Прежде чем отвращение успело по-настоящему охватить его, мультислейт включился, издав резкие звуковые сигналы и свистящие звуки, заставившие Шейда подпрыгнуть на своем сиденье. Он был благодарен, что его прервали. Он быстро проверил мультислейт и поспешно вскочил на ноги, когда увидел сообщение.
Шейд стукнулся плечом об Акселя:
– СИУ нашел совпадение. Эй, Гейл, пошли.
– Приходи на выставку в галерее «Вайс» в эту субботу, – сказал Аполлон, привлекая внимание Шейда, когда тот собирался отойти от бара.
В спешке Шейд забыл о хороших манерах. Сегодня он был повсюду. В одну секунду он представляет, как прыгает на парня, а в следующую совершенно забывает о нем и собирается уйти не попрощавшись.
Спать. Шейду нужно было поспать.
– Я бы с удовольствием, – честно признался он, – но, скорее всего, я буду слишком занят работой над делом.

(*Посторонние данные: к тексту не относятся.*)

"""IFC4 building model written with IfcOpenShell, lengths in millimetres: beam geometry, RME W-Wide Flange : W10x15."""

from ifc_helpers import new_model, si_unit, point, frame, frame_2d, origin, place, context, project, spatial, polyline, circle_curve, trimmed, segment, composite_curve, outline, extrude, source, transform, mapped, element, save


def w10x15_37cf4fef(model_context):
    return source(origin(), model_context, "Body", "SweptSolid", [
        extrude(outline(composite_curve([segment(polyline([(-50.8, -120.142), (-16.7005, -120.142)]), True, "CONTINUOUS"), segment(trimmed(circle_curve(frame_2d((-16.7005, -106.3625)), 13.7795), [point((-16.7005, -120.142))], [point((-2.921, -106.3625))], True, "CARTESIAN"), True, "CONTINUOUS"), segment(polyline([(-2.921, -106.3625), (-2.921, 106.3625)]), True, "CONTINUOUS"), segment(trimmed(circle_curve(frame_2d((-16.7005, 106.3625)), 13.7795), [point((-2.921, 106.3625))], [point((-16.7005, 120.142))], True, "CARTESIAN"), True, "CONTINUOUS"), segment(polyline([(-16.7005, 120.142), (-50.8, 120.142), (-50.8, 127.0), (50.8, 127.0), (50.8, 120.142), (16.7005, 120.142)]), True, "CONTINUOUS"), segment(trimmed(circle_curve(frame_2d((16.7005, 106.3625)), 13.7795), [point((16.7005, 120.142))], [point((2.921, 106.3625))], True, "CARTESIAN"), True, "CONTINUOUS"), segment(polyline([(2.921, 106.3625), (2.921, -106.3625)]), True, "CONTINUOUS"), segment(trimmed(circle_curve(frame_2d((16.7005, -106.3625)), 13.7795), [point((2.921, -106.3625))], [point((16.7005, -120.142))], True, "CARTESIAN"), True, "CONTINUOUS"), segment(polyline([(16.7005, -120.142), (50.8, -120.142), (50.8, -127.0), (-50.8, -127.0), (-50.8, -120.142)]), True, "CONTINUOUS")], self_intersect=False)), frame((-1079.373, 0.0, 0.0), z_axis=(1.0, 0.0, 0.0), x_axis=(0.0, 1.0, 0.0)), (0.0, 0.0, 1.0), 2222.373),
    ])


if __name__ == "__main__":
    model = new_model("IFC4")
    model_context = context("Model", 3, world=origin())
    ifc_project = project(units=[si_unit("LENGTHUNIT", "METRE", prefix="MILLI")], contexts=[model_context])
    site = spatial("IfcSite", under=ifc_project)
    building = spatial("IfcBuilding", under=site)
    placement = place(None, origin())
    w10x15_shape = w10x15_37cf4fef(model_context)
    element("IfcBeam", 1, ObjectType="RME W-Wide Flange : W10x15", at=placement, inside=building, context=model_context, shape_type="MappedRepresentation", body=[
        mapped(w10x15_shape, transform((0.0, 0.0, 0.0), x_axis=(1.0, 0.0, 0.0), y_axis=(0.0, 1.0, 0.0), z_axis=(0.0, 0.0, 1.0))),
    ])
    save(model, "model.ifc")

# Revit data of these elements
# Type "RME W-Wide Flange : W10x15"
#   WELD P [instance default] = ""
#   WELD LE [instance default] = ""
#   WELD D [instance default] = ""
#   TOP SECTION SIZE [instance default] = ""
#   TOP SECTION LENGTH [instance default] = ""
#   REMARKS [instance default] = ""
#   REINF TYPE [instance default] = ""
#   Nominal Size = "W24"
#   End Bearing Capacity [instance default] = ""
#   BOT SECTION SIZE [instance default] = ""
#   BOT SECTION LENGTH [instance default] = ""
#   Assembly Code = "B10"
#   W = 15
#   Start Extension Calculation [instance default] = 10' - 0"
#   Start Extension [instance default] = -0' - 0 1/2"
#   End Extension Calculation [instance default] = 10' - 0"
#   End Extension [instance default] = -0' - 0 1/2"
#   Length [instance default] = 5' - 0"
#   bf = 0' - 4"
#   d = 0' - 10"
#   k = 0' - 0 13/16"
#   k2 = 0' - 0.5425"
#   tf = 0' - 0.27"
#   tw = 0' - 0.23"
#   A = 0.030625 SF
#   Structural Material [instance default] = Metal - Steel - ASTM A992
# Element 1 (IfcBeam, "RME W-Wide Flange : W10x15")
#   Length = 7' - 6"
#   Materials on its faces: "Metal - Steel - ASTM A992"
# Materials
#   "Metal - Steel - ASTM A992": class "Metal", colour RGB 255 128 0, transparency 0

– Я закажу билеты, – сказал ему Аполлон, небрежно пожимая плечами. – Если сможешь прийти, отлично. Если нет, то без обид.
По мнению Шейда, мероприятия, на которых было много народу, такие как выставки в галереях, относились к категории вещей, которых лучше избегать. Тем не менее он поймал себя на том, что кивает, и, выходя вслед за остальными обратно на улицу, с некоторым удивлением осознал, что на самом деле надеялся, что найдет время поприсутствовать.